SUPPLIED DATA:
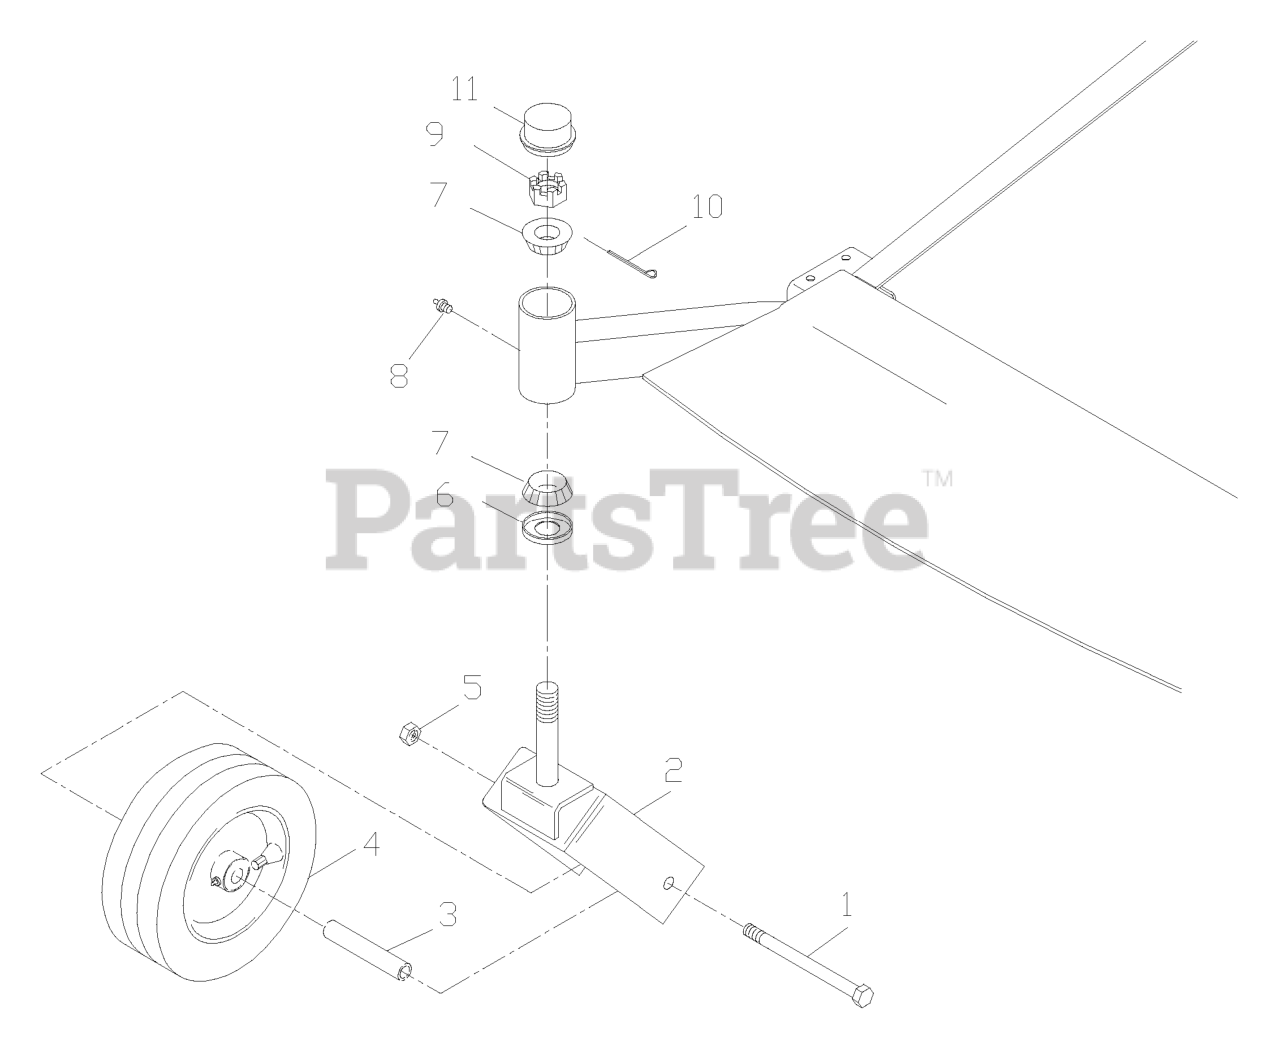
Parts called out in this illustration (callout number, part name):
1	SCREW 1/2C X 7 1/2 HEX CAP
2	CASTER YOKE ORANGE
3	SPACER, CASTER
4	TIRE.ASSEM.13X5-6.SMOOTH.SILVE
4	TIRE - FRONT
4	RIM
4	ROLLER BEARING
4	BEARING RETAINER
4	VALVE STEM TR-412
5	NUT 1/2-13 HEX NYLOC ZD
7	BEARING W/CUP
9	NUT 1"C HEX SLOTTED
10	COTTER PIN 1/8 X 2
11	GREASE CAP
--
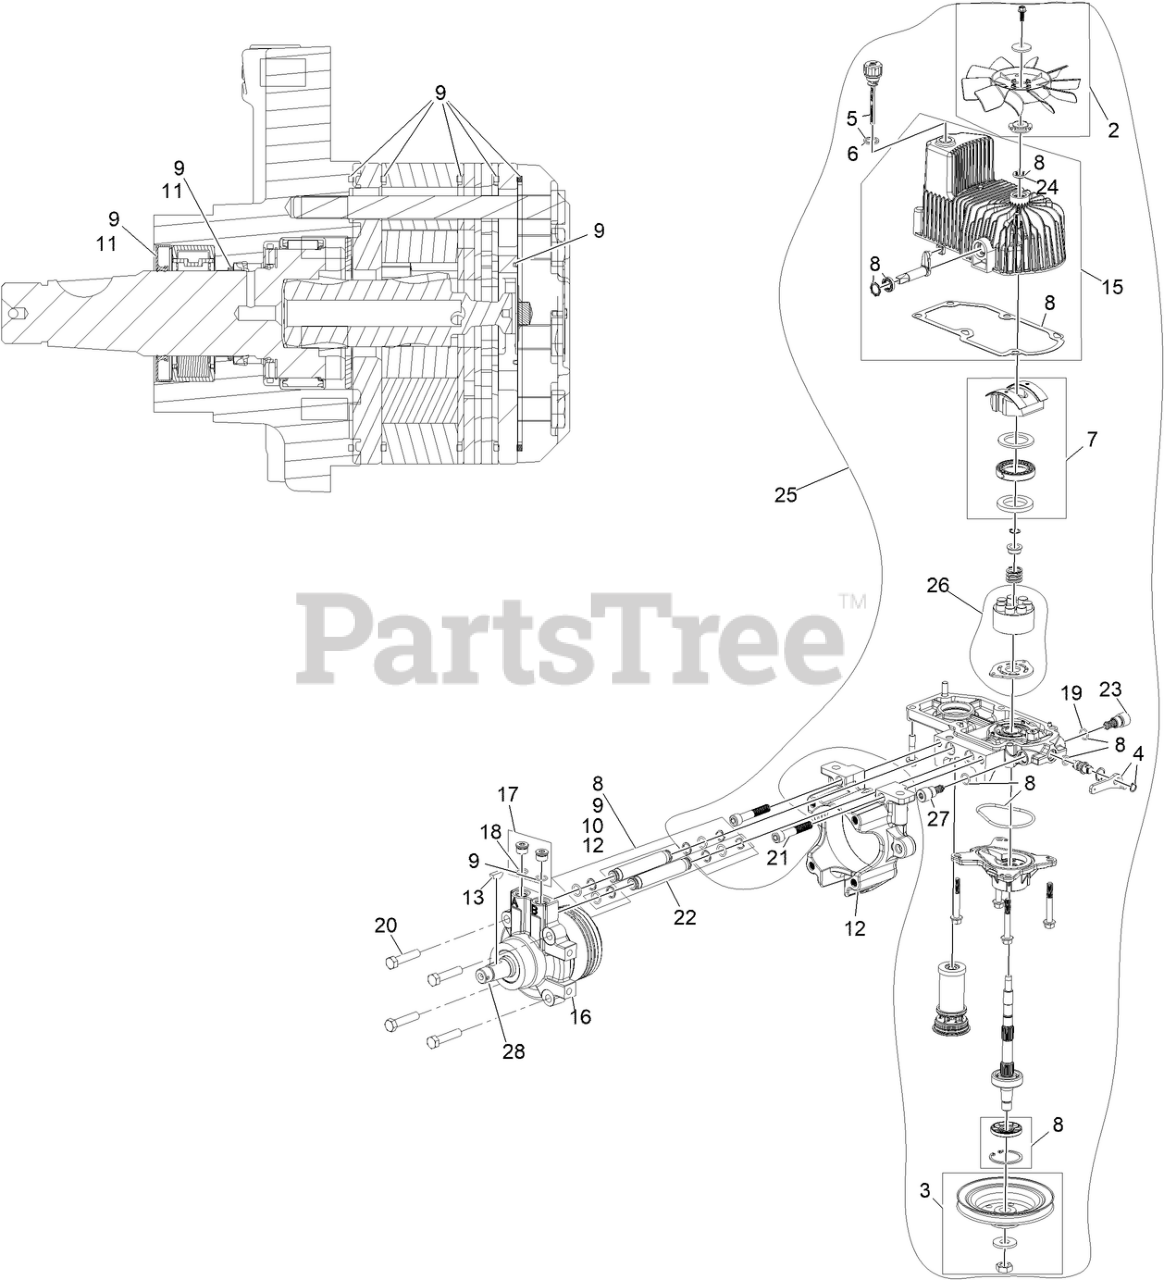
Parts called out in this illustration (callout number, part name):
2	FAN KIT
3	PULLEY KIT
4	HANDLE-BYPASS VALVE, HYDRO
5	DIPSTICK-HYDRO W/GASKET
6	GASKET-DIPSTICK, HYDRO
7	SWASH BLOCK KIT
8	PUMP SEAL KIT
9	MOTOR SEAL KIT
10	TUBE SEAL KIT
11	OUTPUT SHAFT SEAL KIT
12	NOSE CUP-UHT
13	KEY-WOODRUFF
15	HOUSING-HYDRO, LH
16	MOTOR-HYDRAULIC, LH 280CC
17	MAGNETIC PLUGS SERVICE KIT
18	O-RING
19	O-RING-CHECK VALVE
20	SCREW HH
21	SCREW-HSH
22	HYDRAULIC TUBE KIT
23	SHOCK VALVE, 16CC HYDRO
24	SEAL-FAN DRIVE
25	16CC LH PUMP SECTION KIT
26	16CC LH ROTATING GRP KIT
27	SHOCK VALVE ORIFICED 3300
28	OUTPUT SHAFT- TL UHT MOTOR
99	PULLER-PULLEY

ASSIGNED TASK:
Determine how many lines of the records contain the word "SHOCK". Reply with the number by itself.

RESULT:
2